Required work.
Return the records word for word. Any pictures in them are not part of the copy.
Segment Start: Material for the task
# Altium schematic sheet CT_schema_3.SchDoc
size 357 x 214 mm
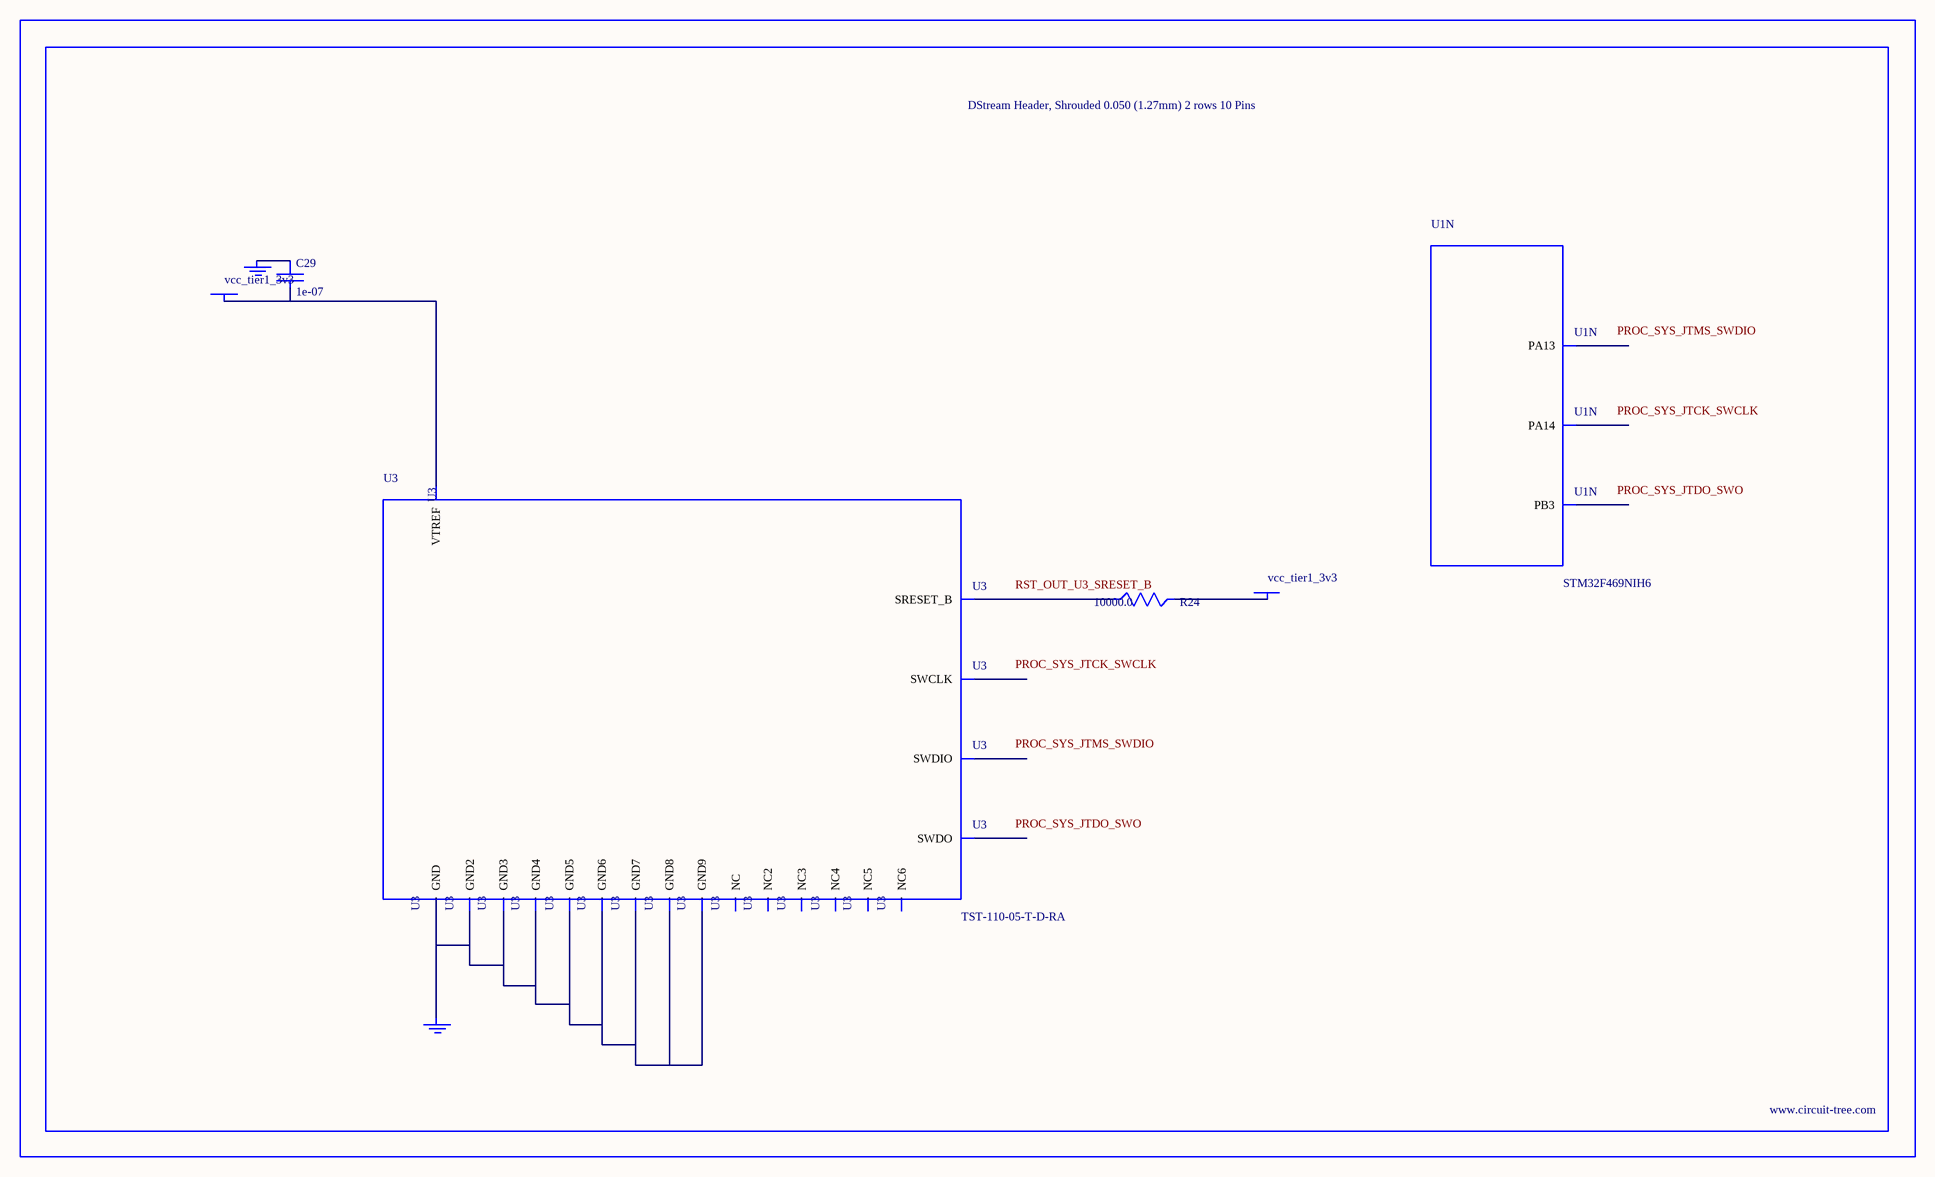
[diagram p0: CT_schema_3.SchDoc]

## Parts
BORDER2  (no value)
C29  1e-07  [C0402]
GND_INSTANCE_2_0  (no value)
GND_INSTANCE_2_1  (no value)
POWER_INSTANCE_2_0  vcc_tier1_3v3
POWER_INSTANCE_2_1  vcc_tier1_3v3
R24  10000.0  [R0603]
U1  STM32F469NIH6  [TFBGA216]  (part N of 17)
U3  TST-110-05-T-D-RA  [TST-110-05-T-D-RA]

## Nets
NetC29_1: C29.1 GND_INSTANCE_2_0.0(GND)
NetC29_2: C29.2 POWER_INSTANCE_2_0.0(PWR) U3.1(VTREF)
NetGND_INSTANCE_2_1_0: GND_INSTANCE_2_1.0(GND) U3.4(GND) U3.6(GND2) U3.8(GND3) U3.10(GND4) U3.12(GND5) U3.14(GND6) U3.16(GND7) U3.18(GND8) U3.20(GND9)
NetPOWER_INSTANCE_2_1_0: POWER_INSTANCE_2_1.0(PWR) R24.2
NetR24_1: R24.1 U3.15(SRESET_B)

Not connected (* = marked no-connect by the designer): U1 A10(PB3) A14(PA14) A15(PA13); U3 2(NC) 3(NC2) 5(NC3) 7(SWDIO) 9(SWCLK) 11(NC4) 13(SWDO) 17(NC5) 19(NC6)

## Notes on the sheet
- Labels drawn without touching a wire or pin: PROC_SYS_JTCK_SWCLK, PROC_SYS_JTDO_SWO, PROC_SYS_JTMS_SWDIO, RST_OUT_U3_SRESET_B

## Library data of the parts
BORDER2 = BORDER_PAGE2
C29 = C0402C104K3RACTU
GND_INSTANCE_2_0 GND_INSTANCE_2_1 = GND
POWER_INSTANCE_2_0 POWER_INSTANCE_2_1 = PWR
R24 = RC0603JR-0710KL
Segment End: Material for the task
Answer box.
# Altium schematic sheet CT_schema_3.SchDoc
size 357 x 214 mm
[diagram p0: CT_schema_3.SchDoc]

## Parts
BORDER2  (no value)
C29  1e-07  [C0402]
GND_INSTANCE_2_0  (no value)
GND_INSTANCE_2_1  (no value)
POWER_INSTANCE_2_0  vcc_tier1_3v3
POWER_INSTANCE_2_1  vcc_tier1_3v3
R24  10000.0  [R0603]
U1  STM32F469NIH6  [TFBGA216]  (part N of 17)
U3  TST-110-05-T-D-RA  [TST-110-05-T-D-RA]

## Nets
NetC29_1: C29.1 GND_INSTANCE_2_0.0(GND)
NetC29_2: C29.2 POWER_INSTANCE_2_0.0(PWR) U3.1(VTREF)
NetGND_INSTANCE_2_1_0: GND_INSTANCE_2_1.0(GND) U3.4(GND) U3.6(GND2) U3.8(GND3) U3.10(GND4) U3.12(GND5) U3.14(GND6) U3.16(GND7) U3.18(GND8) U3.20(GND9)
NetPOWER_INSTANCE_2_1_0: POWER_INSTANCE_2_1.0(PWR) R24.2
NetR24_1: R24.1 U3.15(SRESET_B)

Not connected (* = marked no-connect by the designer): U1 A10(PB3) A14(PA14) A15(PA13); U3 2(NC) 3(NC2) 5(NC3) 7(SWDIO) 9(SWCLK) 11(NC4) 13(SWDO) 17(NC5) 19(NC6)

## Notes on the sheet
- Labels drawn without touching a wire or pin: PROC_SYS_JTCK_SWCLK, PROC_SYS_JTDO_SWO, PROC_SYS_JTMS_SWDIO, RST_OUT_U3_SRESET_B

## Library data of the parts
BORDER2 = BORDER_PAGE2
C29 = C0402C104K3RACTU
GND_INSTANCE_2_0 GND_INSTANCE_2_1 = GND
POWER_INSTANCE_2_0 POWER_INSTANCE_2_1 = PWR
R24 = RC0603JR-0710KL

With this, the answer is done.